| Activity |
If a line in the data below includes the string "IfcBuildingElementPart", please return a copy of it.

Items from a dataset:
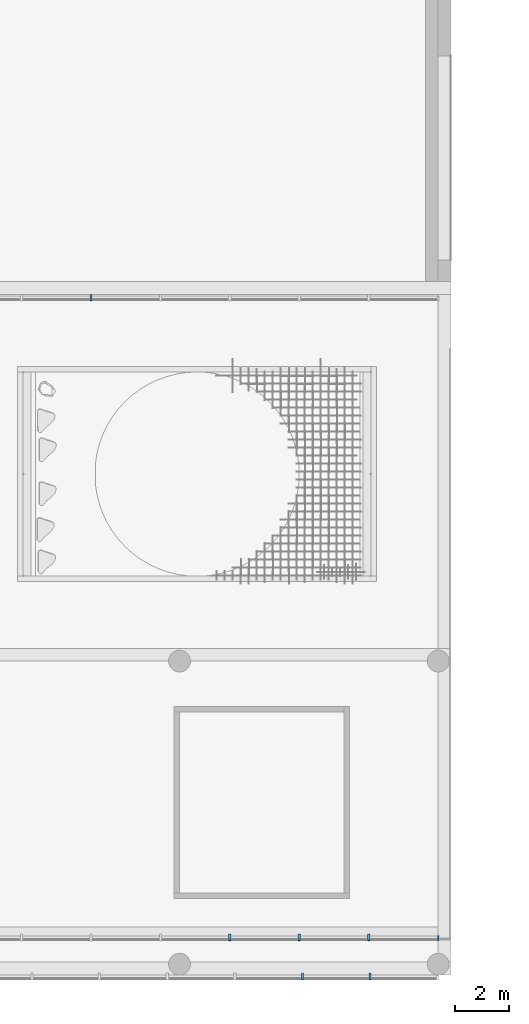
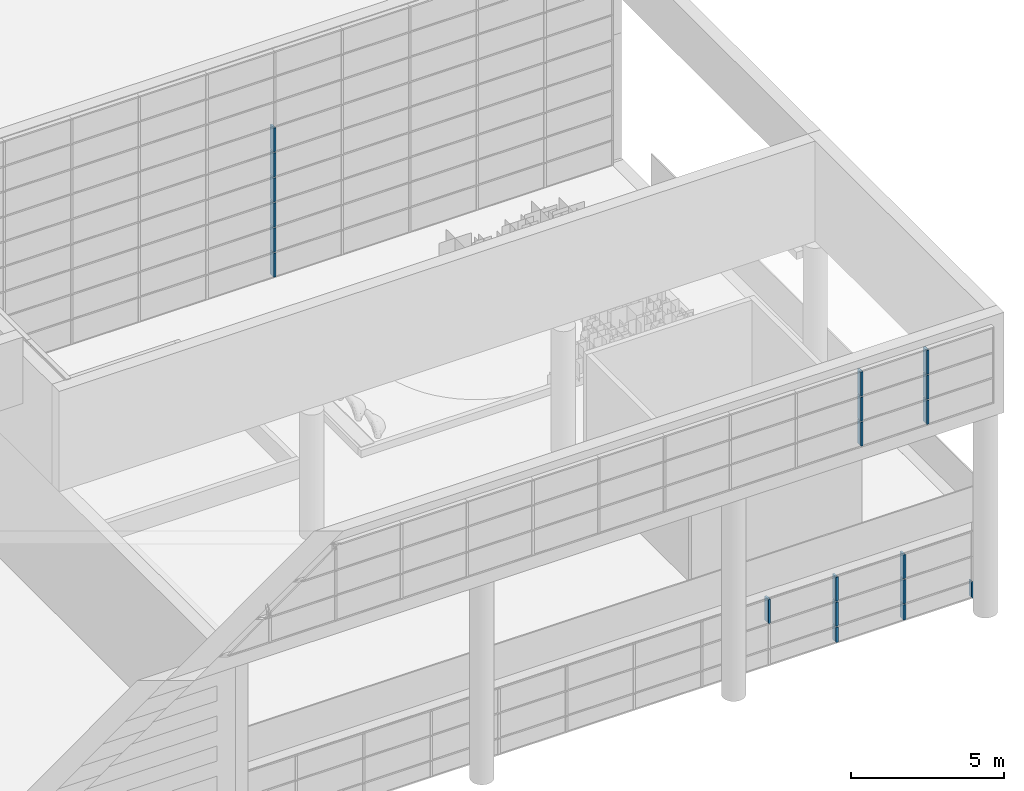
# One storey, part 94 of 105: 20 building element parts, 4 elements without a shape of their own.
"""IFC4 building model written with IfcOpenShell, lengths in millimetres."""

from ifc_helpers import new_model, entity, si_unit, converted_unit, derived_unit, direction, frame, origin_with_axes, place, context, subcontext, project, spatial, triangles, material, element, aggregate, save


model = new_model("IFC4")

# Units and contexts
model_context = context("Model", 3, precision=1e-05, world=origin_with_axes(), true_north=direction((0.0, 1.0)))
body_context = subcontext(model_context, "Body", "Model", "MODEL_VIEW")
ifc_project = project(units=[si_unit("LENGTHUNIT", "METRE", prefix="MILLI"), si_unit("AREAUNIT", "SQUARE_METRE"), si_unit("VOLUMEUNIT", "CUBIC_METRE"), converted_unit("PLANEANGLEUNIT", "DEGREE", entity("IfcLengthMeasure", 0.017453), si_unit("PLANEANGLEUNIT", "RADIAN"), dimensions=[0, 0, 0, 0, 0, 0, 0]), si_unit("SOLIDANGLEUNIT", "STERADIAN"), si_unit("MASSUNIT", "GRAM"), si_unit("TIMEUNIT", "SECOND"), si_unit("THERMODYNAMICTEMPERATUREUNIT", "DEGREE_CELSIUS"), si_unit("LUMINOUSINTENSITYUNIT", "LUMEN"), si_unit("POWERUNIT", "WATT"), derived_unit("THERMALTRANSMITTANCEUNIT", [(si_unit("POWERUNIT", "WATT"), 1), (si_unit("THERMODYNAMICTEMPERATUREUNIT", "KELVIN"), -1), (si_unit("AREAUNIT", "SQUARE_METRE"), -1)])], contexts=[model_context])

# Site, building, storey
site_placement = place(None, origin_with_axes())
site = spatial("IfcSite", under=ifc_project, at=site_placement, Name="Default Site", CompositionType="ELEMENT")
building_placement = place(site_placement, origin_with_axes())
building = spatial("IfcBuilding", under=site, at=building_placement, Name="Default Building", CompositionType="ELEMENT")
storey_placement = place(building_placement, origin_with_axes())
storey = spatial("IfcBuildingStorey", under=building, at=storey_placement, Name="OG - Story", CompositionType="ELEMENT", Elevation=0.0)

# Curtain wall, building element parts
curtain_wall_1_placement = place(storey_placement, origin_with_axes())
curtain_wall_1 = element("IfcCurtainWall", 1, at=curtain_wall_1_placement, inside=storey, Name="Fassade-001", PredefinedType="NOTDEFINED")
ifc_material = material(Name="Blech")
building_element_part_1_placement = place(curtain_wall_1_placement, frame((52496.845873, -51289.262838, 0.0), z_axis=(0.0, 0.0, 1.0), x_axis=(1.0, 0.0, 0.0)))
building_element_part_1 = element("IfcBuildingElementPart", 2, at=building_element_part_1_placement, material=ifc_material, Name="Blech", PredefinedType="NOTDEFINED", context=body_context, shape_type="Tessellation", body=[
    triangles([(21722.727, 10.0, 625.0), (21722.727, 200.0, 625.0), (21692.727, 10.0, 625.0), (21672.727, 10.0, 625.0), (21692.727, -9.999, 625.0), (21722.727, -49.999, 625.0), (21722.727, -9.999, 625.0), (21642.727, 200.0, 625.0), (21642.727, 10.0, 625.0), (21672.727, -9.999, 625.0), (21642.727, -9.999, 625.0), (21642.727, -49.999, 625.0), (21692.727, 10.0, 25.0), (21722.727, 10.0, 25.0), (21722.727, 200.0, 25.0), (21642.727, 200.0, 25.0), (21642.727, 10.0, 25.0), (21672.727, 10.0, 25.0), (21672.727, -9.999, 25.0), (21642.727, -9.999, 25.0), (21642.727, -49.999, 25.0), (21722.727, -49.999, 25.0), (21722.727, -9.999, 25.0), (21692.727, -9.999, 25.0)], [[1, 2, 3], [3, 2, 4], [3, 4, 5], [5, 4, 6], [5, 6, 7], [8, 9, 4], [8, 4, 2], [6, 4, 10], [6, 10, 11], [6, 11, 12], [1, 3, 13], [1, 13, 14], [1, 14, 15], [1, 15, 2], [2, 15, 16], [2, 16, 8], [9, 8, 16], [9, 16, 17], [9, 17, 18], [9, 18, 4], [4, 18, 19], [4, 19, 10], [11, 10, 19], [11, 19, 20], [20, 21, 12], [20, 12, 11], [12, 21, 22], [12, 22, 6], [23, 7, 6], [23, 6, 22], [5, 7, 23], [5, 23, 24], [3, 5, 24], [3, 24, 13], [23, 22, 24], [24, 22, 19], [24, 19, 13], [13, 19, 15], [13, 15, 14], [21, 20, 19], [21, 19, 22], [15, 19, 18], [15, 18, 17], [15, 17, 16]], closed=False),
])
building_element_part_2_placement = place(curtain_wall_1_placement, frame((52496.845873, -51289.262838, 0.0), z_axis=(0.0, 0.0, 1.0), x_axis=(1.0, 0.0, 0.0)))
building_element_part_2 = element("IfcBuildingElementPart", 3, at=building_element_part_2_placement, material=ifc_material, Name="Blech", PredefinedType="NOTDEFINED", context=body_context, shape_type="Tessellation", body=[
    triangles([(26779.545, -14.999, 650.0), (26779.545, 15.0, 650.0), (26809.545, 133.0, 650.0), (26809.545, -34.999, 650.0), (26759.545, -34.999, 650.0), (26759.545, -14.999, 650.0), (26759.545, 15.0, 650.0), (26759.545, 133.0, 650.0), (26779.545, 15.0, 5.0), (26779.545, -14.999, 5.0), (26759.545, -14.999, 25.0), (26759.545, -34.999, 25.0), (26809.545, -34.999, -24.999), (26809.545, 133.0, -24.999), (26759.545, 133.0, 25.0), (26759.545, 15.0, 25.0)], [[1, 2, 3], [1, 3, 4], [1, 4, 5], [1, 5, 6], [7, 8, 3], [7, 3, 2], [1, 2, 9], [1, 9, 10], [11, 6, 1], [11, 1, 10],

| Solution to this task |
building_element_part_1 = element("IfcBuildingElementPart", 2, at=building_element_part_1_placement, material=ifc_material, Name="Blech", PredefinedType="NOTDEFINED", context=body_context, shape_type="Tessellation", body=[
building_element_part_2 = element("IfcBuildingElementPart", 3, at=building_element_part_2_placement, material=ifc_material, Name="Blech", PredefinedType="NOTDEFINED", context=body_context, shape_type="Tessellation", body=[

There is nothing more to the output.